COMMUNAUTÉS & EXPERTISES — Ressources humaines

Management

« En toute transparence »



Pascal Meier et Thomas Ormon « Bien connaître ses  partenaires ou  collaborateurs, donc les hommes, reste un facteur capital. »  (Photo : Olivier Minaire)

Pascal Meier et Thomas Ormon « Bien connaître ses partenaires ou collaborateurs, donc les hommes, reste un facteur capital. » (Photo : Olivier Minaire)

Pour qu’une entreprise fonctionne efficacement, la bonne entente et le bon équilibre entre les cadres dirigeants sont essentiels.
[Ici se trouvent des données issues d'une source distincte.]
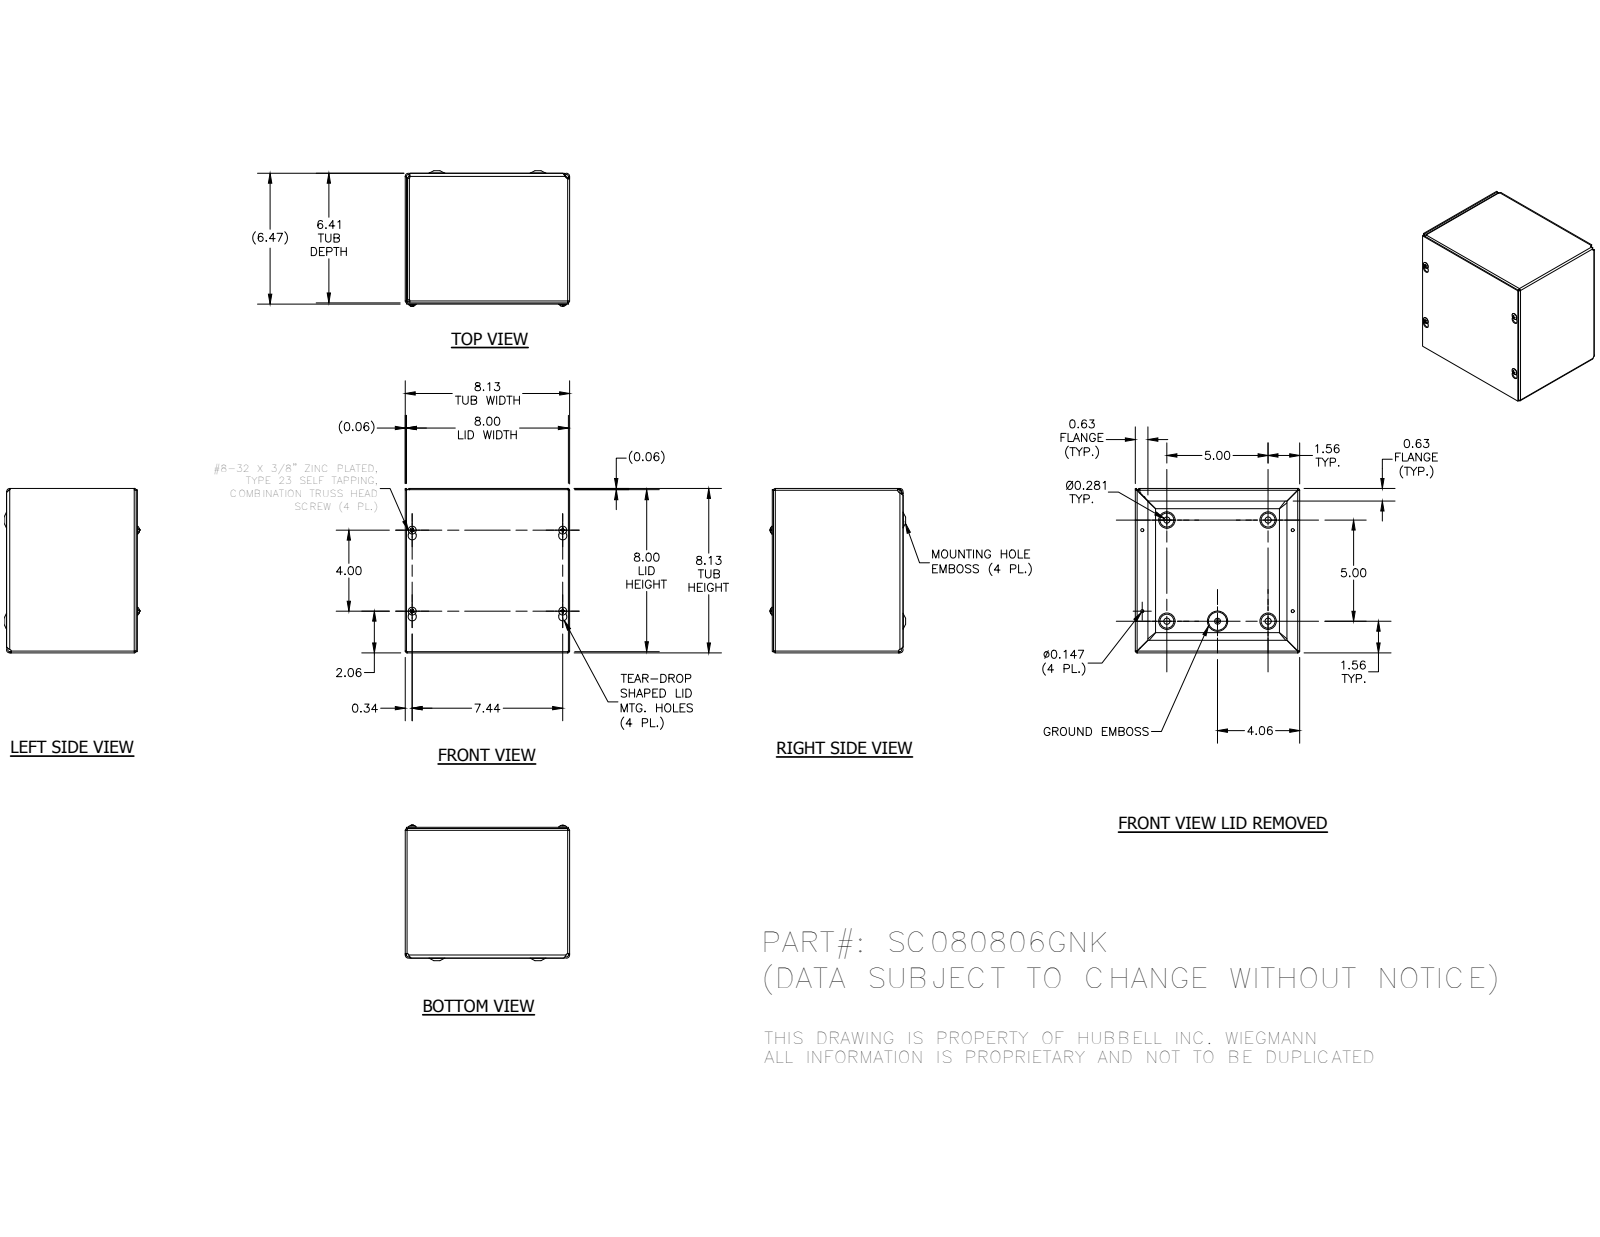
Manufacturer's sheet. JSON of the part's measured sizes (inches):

Bien découvrir et comprendre ses candidats est fondamental.

Les entreprises prennent-elles suffisamment de précautions, lorsqu’il s’agit de recruter un nouveau membre de leur direction – ou pour tout autre poste stratégique ? Ces fonctions sont sensibles, et une erreur de « casting » peut être très dommageable…

Pascal Meier : « D’une manière générale, les recruteurs regardent les qualifications et l’expérience du candidat pour décider de leur choix. Plus la personne sera proche du profil requis, plus elle aura de chances, pour de multiples raisons.
Thomas Ormond : « Souvent, la décision est prise par rapport à ces critères essentiellement techniques. L’étude du profile psychologique reste également quelque chose d’important, mais il ne peut pas y avoir que cela qui entre en ligne de compte, pour prendre une décision. Le ‘background’ socio-professionnel doit aussi faire partie des critères décisifs. Le compliance check, adapté au monde des RH, est certainement un ‘must’ aujourd’hui. Il doit être pratiqué en toute transparence, bien entendu, mais il est tout aussi important que les qualités techniques du candidat.

Voit-on souvent des « tricheries » sur les CV de ces types de candidats ? Y a-t-il moyen de détecter des oublis, omissions, ou d’autres types de problèmes ?

PM : « De récentes enquêtes et informations ont démontré que 60 % des CV ne contenaient pas d’informations reflétant la réalité, que ce soit intentionnel ou non. Plusieurs solutions existent, bien entendu.
TO : « Pour ce qui concerne Sqope, elles sont toutes obtenues à partir d’informations publiquement disponibles. La procédure prend en compte un certain nombre de points précis, dont beaucoup sont issus très simplement des procédures de compliance. Elles sont tout à fait adaptées aux besoins des sociétés en matière de KYE (Know Your Employee).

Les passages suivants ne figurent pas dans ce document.